----- INPUT -----

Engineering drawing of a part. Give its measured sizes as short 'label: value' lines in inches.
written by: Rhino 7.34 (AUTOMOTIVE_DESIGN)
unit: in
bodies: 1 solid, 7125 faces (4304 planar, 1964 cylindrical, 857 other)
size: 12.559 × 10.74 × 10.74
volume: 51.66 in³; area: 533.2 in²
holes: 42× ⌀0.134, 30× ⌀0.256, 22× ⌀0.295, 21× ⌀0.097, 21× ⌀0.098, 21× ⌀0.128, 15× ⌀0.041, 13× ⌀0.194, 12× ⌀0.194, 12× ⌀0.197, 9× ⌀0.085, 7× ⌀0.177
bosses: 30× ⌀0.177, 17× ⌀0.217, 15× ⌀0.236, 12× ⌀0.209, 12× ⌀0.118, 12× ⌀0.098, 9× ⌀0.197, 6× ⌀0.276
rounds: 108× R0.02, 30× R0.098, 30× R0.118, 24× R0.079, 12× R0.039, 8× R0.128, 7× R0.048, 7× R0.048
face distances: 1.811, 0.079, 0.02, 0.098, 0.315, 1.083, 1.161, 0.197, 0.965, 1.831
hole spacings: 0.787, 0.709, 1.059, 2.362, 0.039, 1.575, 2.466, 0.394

-----

| TASK DETAILS |
I need each of the entries above printed again exactly.

| OUTPUT FOR THIS EXERCISE |
Engineering drawing of a part. Give its measured sizes as short 'label: value' lines in inches.
written by: Rhino 7.34 (AUTOMOTIVE_DESIGN)
unit: in
bodies: 1 solid, 7125 faces (4304 planar, 1964 cylindrical, 857 other)
size: 12.559 × 10.74 × 10.74
volume: 51.66 in³; area: 533.2 in²
holes: 42× ⌀0.134, 30× ⌀0.256, 22× ⌀0.295, 21× ⌀0.097, 21× ⌀0.098, 21× ⌀0.128, 15× ⌀0.041, 13× ⌀0.194, 12× ⌀0.194, 12× ⌀0.197, 9× ⌀0.085, 7× ⌀0.177
bosses: 30× ⌀0.177, 17× ⌀0.217, 15× ⌀0.236, 12× ⌀0.209, 12× ⌀0.118, 12× ⌀0.098, 9× ⌀0.197, 6× ⌀0.276
rounds: 108× R0.02, 30× R0.098, 30× R0.118, 24× R0.079, 12× R0.039, 8× R0.128, 7× R0.048, 7× R0.048
face distances: 1.811, 0.079, 0.02, 0.098, 0.315, 1.083, 1.161, 0.197, 0.965, 1.831
hole spacings: 0.787, 0.709, 1.059, 2.362, 0.039, 1.575, 2.466, 0.394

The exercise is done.